There have also been grumbles about labels distracting from the production of new releases by so many reissues being made and re-pressings of classic legacy albums. However, as Chris Marksberry (MD of worldwide vinyl manufacturing broker Sound Performance) explained, this only comes from the consumers’ hunger for vinyl – which has increased dramatically since the start of the pandemic.
“Vinyl was growing as a format generally, year on year,” Marksberry told NME. “It was all manageable and the factories were able to cope with the demand. Lead times were always longer than with CDs, but it was relatively normal business for everybody. Then around the start of the pandemic, people went into lockdown and couldn’t go to gigs or spend their money on other things, so they started purchasing vinyl online.
“It was February this year that we suddenly saw an exponential demand for vinyl ordering. It went from 10 to 100 per cent in the space of four to six weeks and it kept multiplying. Places that were ordering 2,000 last year were ordering 8,000 this year. Then the lead times at the factories starting increasing – it went from four weeks to six week to eight weeks to 16 weeks. Really, the demand just went through the roof in quite a short space of time.”

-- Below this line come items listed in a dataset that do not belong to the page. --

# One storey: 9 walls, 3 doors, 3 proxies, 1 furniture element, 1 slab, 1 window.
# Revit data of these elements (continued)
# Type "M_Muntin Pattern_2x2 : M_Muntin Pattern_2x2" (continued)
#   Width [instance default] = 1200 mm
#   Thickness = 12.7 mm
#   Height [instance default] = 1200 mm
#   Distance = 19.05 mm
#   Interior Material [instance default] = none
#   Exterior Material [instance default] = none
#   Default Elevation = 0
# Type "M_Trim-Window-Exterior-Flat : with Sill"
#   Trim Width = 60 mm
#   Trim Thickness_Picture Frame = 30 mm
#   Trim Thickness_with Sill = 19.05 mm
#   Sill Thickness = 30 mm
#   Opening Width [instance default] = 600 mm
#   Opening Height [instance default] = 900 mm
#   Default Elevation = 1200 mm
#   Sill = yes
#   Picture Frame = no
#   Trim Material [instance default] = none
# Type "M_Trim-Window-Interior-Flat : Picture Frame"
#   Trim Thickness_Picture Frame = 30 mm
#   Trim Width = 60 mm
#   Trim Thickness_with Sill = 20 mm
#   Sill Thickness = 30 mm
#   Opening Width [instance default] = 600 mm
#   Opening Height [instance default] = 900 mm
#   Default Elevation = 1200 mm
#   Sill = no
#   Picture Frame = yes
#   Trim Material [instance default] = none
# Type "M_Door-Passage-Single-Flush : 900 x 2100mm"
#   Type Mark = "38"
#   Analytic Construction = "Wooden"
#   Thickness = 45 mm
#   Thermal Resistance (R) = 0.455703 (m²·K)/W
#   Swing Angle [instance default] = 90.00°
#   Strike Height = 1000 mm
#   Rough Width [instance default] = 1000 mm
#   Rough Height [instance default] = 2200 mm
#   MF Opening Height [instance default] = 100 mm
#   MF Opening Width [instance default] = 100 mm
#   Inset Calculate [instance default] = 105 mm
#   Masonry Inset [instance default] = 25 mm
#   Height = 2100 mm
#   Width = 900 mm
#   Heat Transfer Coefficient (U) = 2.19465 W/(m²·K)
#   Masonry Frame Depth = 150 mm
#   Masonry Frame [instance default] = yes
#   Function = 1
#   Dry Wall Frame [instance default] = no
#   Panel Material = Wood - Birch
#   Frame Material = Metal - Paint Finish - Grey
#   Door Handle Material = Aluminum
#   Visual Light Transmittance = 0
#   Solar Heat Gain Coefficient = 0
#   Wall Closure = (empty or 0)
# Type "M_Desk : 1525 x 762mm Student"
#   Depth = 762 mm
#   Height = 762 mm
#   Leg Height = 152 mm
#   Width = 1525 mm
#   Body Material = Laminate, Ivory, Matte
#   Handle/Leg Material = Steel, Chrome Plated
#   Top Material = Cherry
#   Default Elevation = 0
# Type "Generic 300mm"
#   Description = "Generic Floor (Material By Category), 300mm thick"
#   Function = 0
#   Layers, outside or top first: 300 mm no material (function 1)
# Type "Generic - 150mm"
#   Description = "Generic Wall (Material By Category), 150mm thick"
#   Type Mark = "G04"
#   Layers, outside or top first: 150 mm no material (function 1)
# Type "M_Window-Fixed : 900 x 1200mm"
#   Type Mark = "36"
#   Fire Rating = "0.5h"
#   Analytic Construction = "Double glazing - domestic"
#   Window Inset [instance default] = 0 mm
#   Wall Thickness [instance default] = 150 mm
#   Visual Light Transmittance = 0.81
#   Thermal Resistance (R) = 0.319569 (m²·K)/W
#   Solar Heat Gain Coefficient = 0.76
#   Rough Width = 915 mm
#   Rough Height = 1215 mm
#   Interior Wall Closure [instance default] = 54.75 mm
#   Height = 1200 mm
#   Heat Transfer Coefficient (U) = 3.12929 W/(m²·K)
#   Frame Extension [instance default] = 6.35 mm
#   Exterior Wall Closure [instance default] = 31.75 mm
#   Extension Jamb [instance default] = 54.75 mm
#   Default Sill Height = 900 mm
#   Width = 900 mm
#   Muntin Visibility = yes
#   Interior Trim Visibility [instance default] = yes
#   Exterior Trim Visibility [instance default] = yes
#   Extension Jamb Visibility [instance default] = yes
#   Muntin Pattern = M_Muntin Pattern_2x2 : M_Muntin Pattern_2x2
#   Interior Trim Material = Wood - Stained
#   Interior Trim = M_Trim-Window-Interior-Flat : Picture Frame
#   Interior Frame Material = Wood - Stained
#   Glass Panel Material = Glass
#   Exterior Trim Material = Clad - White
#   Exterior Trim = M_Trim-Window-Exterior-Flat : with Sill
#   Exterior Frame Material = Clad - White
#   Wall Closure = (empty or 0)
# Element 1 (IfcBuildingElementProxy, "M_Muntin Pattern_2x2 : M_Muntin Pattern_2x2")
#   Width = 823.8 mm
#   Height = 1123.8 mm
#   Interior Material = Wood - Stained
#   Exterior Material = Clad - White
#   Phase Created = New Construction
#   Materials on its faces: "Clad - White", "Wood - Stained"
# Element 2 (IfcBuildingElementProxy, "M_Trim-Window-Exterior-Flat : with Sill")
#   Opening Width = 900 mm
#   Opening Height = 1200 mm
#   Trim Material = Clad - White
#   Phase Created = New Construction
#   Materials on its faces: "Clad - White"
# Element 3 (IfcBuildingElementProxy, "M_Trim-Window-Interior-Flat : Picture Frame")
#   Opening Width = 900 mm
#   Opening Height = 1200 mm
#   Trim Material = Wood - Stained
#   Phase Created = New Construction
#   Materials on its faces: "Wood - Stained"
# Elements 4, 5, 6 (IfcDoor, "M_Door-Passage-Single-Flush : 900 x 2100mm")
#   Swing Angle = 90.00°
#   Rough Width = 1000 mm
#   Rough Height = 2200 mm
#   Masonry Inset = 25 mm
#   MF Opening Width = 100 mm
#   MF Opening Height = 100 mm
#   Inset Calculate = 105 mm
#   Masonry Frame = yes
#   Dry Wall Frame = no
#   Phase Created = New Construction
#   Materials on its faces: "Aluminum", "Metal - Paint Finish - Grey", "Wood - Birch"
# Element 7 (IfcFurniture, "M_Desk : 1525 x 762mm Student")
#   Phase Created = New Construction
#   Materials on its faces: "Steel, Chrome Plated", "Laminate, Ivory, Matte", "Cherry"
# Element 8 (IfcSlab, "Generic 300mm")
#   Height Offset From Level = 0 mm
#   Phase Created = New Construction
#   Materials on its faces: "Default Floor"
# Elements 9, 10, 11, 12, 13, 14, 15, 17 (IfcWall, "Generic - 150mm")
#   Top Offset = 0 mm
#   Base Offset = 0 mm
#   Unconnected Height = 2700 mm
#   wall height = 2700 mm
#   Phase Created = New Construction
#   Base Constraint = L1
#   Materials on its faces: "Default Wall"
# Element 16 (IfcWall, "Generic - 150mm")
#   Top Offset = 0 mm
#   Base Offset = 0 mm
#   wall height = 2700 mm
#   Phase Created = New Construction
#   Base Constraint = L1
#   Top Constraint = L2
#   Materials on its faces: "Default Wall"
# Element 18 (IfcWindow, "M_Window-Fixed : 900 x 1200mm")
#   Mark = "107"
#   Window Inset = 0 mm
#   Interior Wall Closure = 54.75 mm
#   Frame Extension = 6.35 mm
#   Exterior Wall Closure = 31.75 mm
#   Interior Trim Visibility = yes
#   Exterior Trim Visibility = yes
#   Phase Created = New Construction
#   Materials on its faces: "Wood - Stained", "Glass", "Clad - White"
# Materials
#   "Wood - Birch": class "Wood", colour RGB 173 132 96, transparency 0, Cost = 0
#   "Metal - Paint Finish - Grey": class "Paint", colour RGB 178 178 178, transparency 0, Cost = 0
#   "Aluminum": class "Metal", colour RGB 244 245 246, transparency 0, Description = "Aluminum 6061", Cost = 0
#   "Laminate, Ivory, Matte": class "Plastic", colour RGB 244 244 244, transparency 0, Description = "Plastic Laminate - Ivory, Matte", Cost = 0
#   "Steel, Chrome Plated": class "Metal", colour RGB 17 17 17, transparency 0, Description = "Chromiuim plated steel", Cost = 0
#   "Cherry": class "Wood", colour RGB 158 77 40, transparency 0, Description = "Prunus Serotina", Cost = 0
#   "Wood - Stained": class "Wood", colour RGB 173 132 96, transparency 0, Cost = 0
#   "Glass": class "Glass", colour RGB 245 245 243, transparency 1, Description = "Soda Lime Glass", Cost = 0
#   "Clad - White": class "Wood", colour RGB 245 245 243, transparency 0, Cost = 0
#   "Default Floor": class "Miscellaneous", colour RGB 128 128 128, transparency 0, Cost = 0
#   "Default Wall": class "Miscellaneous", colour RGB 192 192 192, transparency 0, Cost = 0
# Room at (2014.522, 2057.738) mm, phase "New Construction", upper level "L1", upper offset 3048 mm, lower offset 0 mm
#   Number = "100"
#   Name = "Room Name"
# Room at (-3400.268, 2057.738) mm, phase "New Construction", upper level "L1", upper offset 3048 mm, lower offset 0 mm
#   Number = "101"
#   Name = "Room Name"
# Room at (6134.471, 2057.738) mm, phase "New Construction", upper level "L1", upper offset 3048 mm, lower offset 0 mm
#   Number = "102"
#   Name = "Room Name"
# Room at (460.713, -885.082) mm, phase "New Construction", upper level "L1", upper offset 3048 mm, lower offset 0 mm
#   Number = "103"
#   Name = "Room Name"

Marksberry added that the increase in demand for vinyl from the music-loving public now means that “the capacity has reached breaking point”, with many factories either unable to increase their capacity or unwilling to until they “know that this is a long term trend and not a bubble,” especially with increasing staff, component and material shortages.
“People are booking blocks of capacity because of the difficulty,” he said. “All the significant players from the majors to the independents are trying to reserve capacity so releases can be guaranteed. Having done that, you have factories effectively saying that they’re full for next year. That just means they’ve promised their capacity to their existing clients.
“You can still get records pressed for next year, but it’s probably going to take six to eight months from start to finish and the situation is likely to get worse before it gets better. It’s not like the industry is catching up, the demand is only ramping up.”
Quizzed if it was too over-simplistic to blame Adele and her album ’30’ for the crisis, Marksberry replied: “Oh blimey, absolutely! Everyone has large requirements for vinyl. Adele’s is probably the biggest order of the year, but there are plenty of big orders. The demand is everywhere, across every label, every artist.
“Even without Adele, the problem would still be there. As the demand becomes bigger, people order more so everybody’s initial order will be bigger than it would have been 12 months ago.”
He added: “Next year, we’re just going to see more of the same. You can already see that the problem will be there again, but perhaps more extreme.”
Last year saw vinyl sales hit their highest since the 1990s, having seen huge growth for the 13th year in a row. Figures revealed that nearly one in five (18 per cent) of all albums purchased across 2020 were vinyl, with 4.8 million LPs being purchased. The new numbers are 10 per cent up on 2019’s figures.